Sustainability Tip: Composting has always seemed hard to me, but I now know it isn’t 

Learning what can go in your compost pile can be easy, especially if you start small. Credit: Julia Simon, NPR

By Alliance Communications Coordinator Amy Durr

I want to be a composter. But I’m a recovering perfectionist with limited resources to purchase a fancy composting system. I have remained overwhelmed for many years by the exceedingly large number of rules for composting, including the problematic brown-to-green ratio and the proper level of moisture. In addition, I fear an unusable black slimy pit, full of plant pests and unimaginable creatures. I have trouble touching slugs and my mind will go no further than that.

But experts say composting is forgiving, adjustable, and joy-provoking. It wants to be our friend. “Most people overthink composting,” Amy Landers, who runs Gardens That Matter, blithely tells the Washington Post. Could she be right? NPR boldly shares 5 seemingly easy steps to composting: select your food scraps; store those food scraps; choose a place to make your compost; make the compost mix; and aerate and wait. And there are some simple ways to compost your leaves.

If you have Compost Anxiety™ like me, you began hyperventilating at #1. Put the wrong food in your pile and your compost will DIE, and it might eat your pets. WaPo shares Landers’ advice to play it safe when you’re first composting by not including pet waste or some of the things that experts might include, like oils, meats, orange peels, dairy and bones. Many prohibitions are not hard and fast rules. ‘A lot of the composting guidelines are built for the safest, lowest-risk situation,’ she says. ‘Your compost bin should never keep you up at night,’” Landers tells WaPo.

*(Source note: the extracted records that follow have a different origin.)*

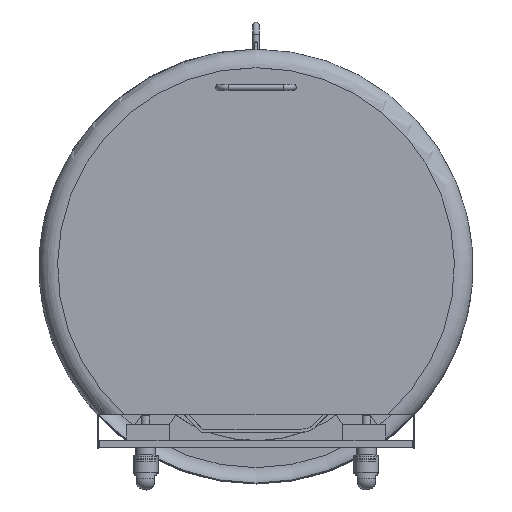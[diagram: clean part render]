
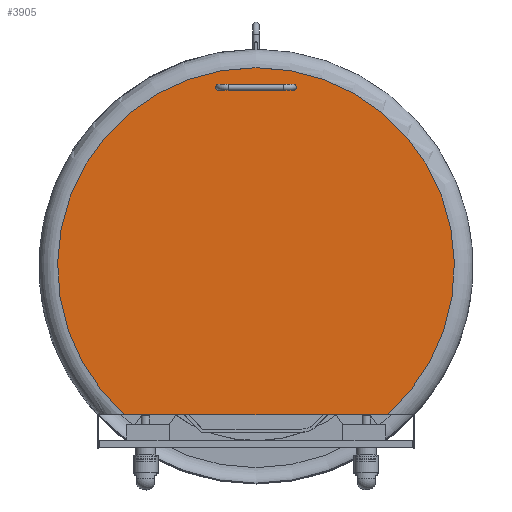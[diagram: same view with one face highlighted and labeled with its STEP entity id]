
A CAD part, top view. The second image highlights one B-rep face of the part: STEP entity #3905.
In plain terms, the highlighted planar face has unit normal (0, 0, 1).
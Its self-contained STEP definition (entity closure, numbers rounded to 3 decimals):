
#2954=CARTESIAN_POINT('',(-65.,343.5,1203.));
#2955=VERTEX_POINT('',#2954);
#2956=CARTESIAN_POINT('',(-60.,343.5,1203.));
#2957=DIRECTION('',(0.0,0.0,-1.0));
#2958=DIRECTION('',(1.0,0.0,0.0));
#2959=AXIS2_PLACEMENT_3D('',#2956,#2957,#2958);
#2960=CIRCLE('',#2959,5.0);
#2961=EDGE_CURVE('',#2955,#2955,#2960,.T.);
#3045=CARTESIAN_POINT('',(65.,343.5,1203.));
#3046=VERTEX_POINT('',#3045);
#3047=CARTESIAN_POINT('',(60.,343.5,1203.));
#3048=DIRECTION('',(0.0,0.0,-1.0));
#3049=DIRECTION('',(-1.0,0.0,0.0));
#3050=AXIS2_PLACEMENT_3D('',#3047,#3048,#3049);
#3051=CIRCLE('',#3050,5.0);
#3052=EDGE_CURVE('',#3046,#3046,#3051,.T.);
#3416=CARTESIAN_POINT('',(211.66,-185.,1203.));
#3417=VERTEX_POINT('',#3416);
#3439=CARTESIAN_POINT('',(-211.66,-185.,1203.));
#3440=VERTEX_POINT('',#3439);
#3441=CARTESIAN_POINT('',(-211.66,-185.,1203.));
#3442=DIRECTION('',(1.0,0.0,0.0));
#3443=VECTOR('',#3442,423.32);
#3444=LINE('',#3441,#3443);
#3445=EDGE_CURVE('',#3440,#3417,#3444,.T.);
#3884=CARTESIAN_POINT('',(0.,215.,1203.));
#3885=DIRECTION('',(0.0,0.0,1.0));
#3886=DIRECTION('',(1.0,0.0,0.0));
#3887=AXIS2_PLACEMENT_3D('',#3884,#3885,#3886);
#3888=PLANE('',#3887);
#3889=ORIENTED_EDGE('',*,*,#3445,.T.);
#3890=CARTESIAN_POINT('',(0.,55.,1203.));
#3891=DIRECTION('',(0.0,0.0,-1.0));
#3892=DIRECTION('',(0.0,1.0,0.0));
#3893=AXIS2_PLACEMENT_3D('',#3890,#3891,#3892);
#3894=CIRCLE('',#3893,320.0);
#3895=EDGE_CURVE('',#3440,#3417,#3894,.T.);
#3896=ORIENTED_EDGE('',*,*,#3895,.F.);
#3897=EDGE_LOOP('',(#3889,#3896));
#3898=FACE_OUTER_BOUND('',#3897,.T.);
#3899=ORIENTED_EDGE('',*,*,#2961,.T.);
#3900=EDGE_LOOP('',(#3899));
#3901=FACE_BOUND('',#3900,.T.);
#3902=ORIENTED_EDGE('',*,*,#3052,.T.);
#3903=EDGE_LOOP('',(#3902));
#3904=FACE_BOUND('',#3903,.T.);
#3905=ADVANCED_FACE('',(#3898,#3901,#3904),#3888,.T.);

Getting back to NPR and the thousands of other sites which tell us composting isn’t as famously impenetrable as James Joyce’s Finnegans Wake, I have a message for you and me. We can do it. Here’s a brief summary of NPR’s guide to composting:

  1. Select your food scraps – Helpful chart above
  2. Store those food scraps – Under the sink, in the freezer, in a specially crafted container or not
  3. Choose a place to make your compost – Purchase a composter, DIY one from wire mesh or pallets, start a pile in a corner of the yard or see if there’s a local community garden
  4. Make the compost mix – It really is layering — browns then greens, browns then greens, with adequate moisture
  5. Aerate and wait – Turning the compost every 7 to 10 days allows necessary air for the microbes and will speed things up

You will make mistakes as you go, and you will learn from them. Your compost may be good and then bad and then good again. You will get the hang of the green-brown mix. And you will stop contributing to the 35% of the total US food supply that ends up in the trash, according to ReFED, and the 8% of greenhouse gas emissions that come from wasted food, according to NPR.

The easiest fall composting

I think about composting a lot (climate guilt) and I just realized last week that composted leaves (AKA “leaf mold”) are essentially a less nutrient-dense form of compost. “The simplest way to compost is to leave your leaves in a pile in your yard. Leaf mold is a great soil amendment. It is essentially a soil conditioner that increases the water retention of soils. Leaf mold also improves soil structure and provides a fantastic habitat for soil life, including earthworms and beneficial bacteria,” according to The Spruce. Just pile your leaves and, well, leave them. Voilà!